This year, the theme of World No Tobacco Day is “Tobacco – A Threat To Development”, and the WHO campaign will be dedicated to showing the massive negative impact that tobacco use has in developing countries.
But tobacco isn’t just a threat to public health in lower-income nations. Though smoking rates have been falling dramatically over the last several decades in the US, tobacco use still remains a huge public health issue.
In 2005, around 20% of all adults smoked. In 2015, that number had been reduced to only 15%. Despite this, smoking is still the leading cause of preventable death in the US, and can cause dozens of harmful health issues.
In this article, we’ll take a look at 5 statistics that show the dangers of tobacco use, so that you can be better informed about the damage that tobacco causes among Americans.
- Smoking Is The #1 Cause Of Preventable Death In The US
Smoking causes more deaths than any other preventable disease in the US – smoking-related diseases caused approximately 1 in 5 preventable deaths.

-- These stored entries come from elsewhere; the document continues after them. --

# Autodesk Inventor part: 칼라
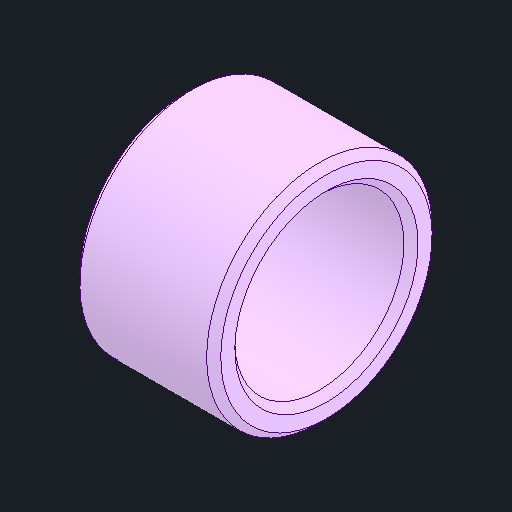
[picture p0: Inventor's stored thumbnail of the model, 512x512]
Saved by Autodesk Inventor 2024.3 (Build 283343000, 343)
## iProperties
Created: 2024-05
Part Number: 칼라
Material: 강철, 합금
Document SubType Name: Modeling
Designer: MyPc
Density: 7.73 g/cm^3
Appearance: 기본값
Author: jhkim
Sending System: Autodesk Inventor 2025
Preprocessor: ST-DEVELOPER v20
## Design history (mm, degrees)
node "칼라1"
node "솔리드2"
node "솔리드1"
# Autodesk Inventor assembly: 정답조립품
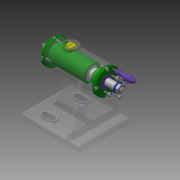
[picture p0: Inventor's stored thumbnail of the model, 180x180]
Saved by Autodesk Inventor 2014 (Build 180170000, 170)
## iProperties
Created: 2019-10
Part Number: 정답조립품
Document SubType Name: Assembly
Designer: kh
Author: kh
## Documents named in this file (18)
- C:\Users\kh\Desktop\491004V1027\정답조립품.iam
- C:\Users\kh\Desktop\491004V1027\본체.ipt
- C:\Users\kh\Desktop\491004V1027\나사.ipt
- C:\Users\kh\Desktop\491004V1027\나사축.ipt
- C:\Users\kh\Desktop\491004V1027\너트 M8.ipt
- C:\Users\kh\Desktop\491004V1027\돌림판.ipt
- C:\Users\kh\Desktop\491004V1027\멈춤나사 M3.ipt
- C:\Users\kh\Desktop\491004V1027\볼트 M3.ipt
- C:\Users\kh\Desktop\491004V1027\부시.ipt
- C:\Users\kh\Desktop\491004V1027\센터.ipt
- C:\Users\kh\Desktop\491004V1027\센터홀더.ipt
- C:\Users\kh\Desktop\491004V1027\슬리브.ipt
- C:\Users\kh\Desktop\491004V1027\와셔.ipt
- C:\Users\kh\Desktop\491004V1027\중공축.ipt
- C:\Users\kh\Desktop\491004V1027\커버.ipt
- C:\Users\kh\Desktop\491004V1027\키 4 x 4 x 10.ipt
- C:\Users\kh\Desktop\491004V1027\플랜지.ipt
- C:\Users\kh\Desktop\491004V1027\핸들.ipt
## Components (2 placed, 2 different names)
1. 플랜지:1 — Insert:2, Insert:8, Insert:11, Insert:17, Mate:7
2. 핸들:1 — Insert:12
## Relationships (6: Insert 5, Mate 1)
- Insert:2: 플랜지:1
- Insert:8: 플랜지:1
- Insert:11: 플랜지:1
- Insert:12: 핸들:1
- Insert:17: 플랜지:1
- Mate:7: 플랜지:1

These deaths aren’t just limited to smokers, either. The CDC estimates that around 480,000 smokers die from smoking-related diseases each year, and that 41,000 people die from the effects of secondhand smoke.
This is because smoking causes such a wide variety of negative health effects. Smoking increases the risk of stroke, heart disease, lung cancer and other lung conditions like emphysema and chronic bronchitis, among dozens of others.
- Smoking-Related Illnesses Cost Americans $170 Billion Per Year In Medical Costs
Smoking-related illnesses are extremely costly to the American healthcare system, costing us around $170 billion per year in direct medical care, and more than $156 billion in lost productivity.
For comparison, obesity costs Americans approximately $147 billion per year, and direct medical costs for cancer treatments were estimated at around $87.8 billion in 2014. Diabetes is the only other condition that comes close, clocking in at around $175 billion per year in treatment costs, but only $69 billion in lost productivity.
Because of these high costs, even a small reduction in smoking could have a huge effect on the healthcare system. A study in PLoS Med estimated that a 10% reduction in smoking would save an average of $6.3 billion in healthcare expenditures during the following year.
- Mortality Rates For Smokers Are 3x Higher Than Nonsmokers
All-cause mortality for smokers is dramatically higher than that of nonsmokers. Cancer, respiratory diseases, and vascular diseases are the primary causes of this increase in mortality risk.
Disease-specific numbers are even more shocking. Men who smoke have a 23x higher chance of dying from lung cancer, and a 17x higher chance of dying from emphysema or bronchitis.
Women who smoke also have a 12x higher risk of developing lung cancer and lung disease. In fact, lung cancers have overtaken breast cancer as the most common type of cancer among women – deaths from lung cancer increased over 500% from 1960-1990.
- Smoking Is The Cause Of 80-90% Of All Lung Cancer Cases In The US
Smoking is the single largest risk factor related to lung cancer in the US. In the US, around 220,000 cases of lung cancer are diagnosed every year. Smoking and secondhand smoke are the cause of 80-90% of all of these cases.
For comparison, radon is the second most common cause of lung cancer, but is only responsible for about 20,000 cases of lung cancer per year.
And while other materials like asbestos, arsenic, certain types of exhaust, and some rare metals can increase the risk of lung cancer, these cases are extremely rare in comparison.
- Smokers Who Quit Before The Age Of 40 Are 90% Less Likely To Die From A Smoking-Related Disease
While smoking is certainly dangerous, not every statistic here is meant to scare you – especially if you are a smoker. This statistic should be very encouraging indeed.
Smokers who quit before the age of 40 are very likely to be able to live a full, active life without having to worry about smoking-related diseases. Our bodies are very resilient – and even if you’ve smoked for a long time, your body will slowly be able to recover from the damage that has been caused by smoking.
And even if you’re over the age of 40, smoking cessation has a variety of health benefits. After a year of not smoking, your risk of heart disease drops dramatically, as does your risk of developing a chronic lung condition. And after 5-10 years, your risk of stroke and lung cancer will be reduced by over 50%.
Whether you’re 20, 30, 40, or older, one thing is clear – the sooner you stop smoking, the sooner your body will be able to recover, and you’ll be far more likely to live a long, happy life.
Spread The Word About The Harmful Effects Of Smoking – Save A Life!
Whether you’re a smoker, know a nurse who smokes, or you have friends and family who regularly use tobacco, you should share what you’ve learned.
Smoking is one of the single most harmful things you can do to your body, and quitting should be the #1 priority for anyone who is still using tobacco.
So share these facts with those around you, and help spread the word. And if you’re interested in organizing an event at your hospital, check out the World No Tobacco Day Website, and see how you can get involved in this important event.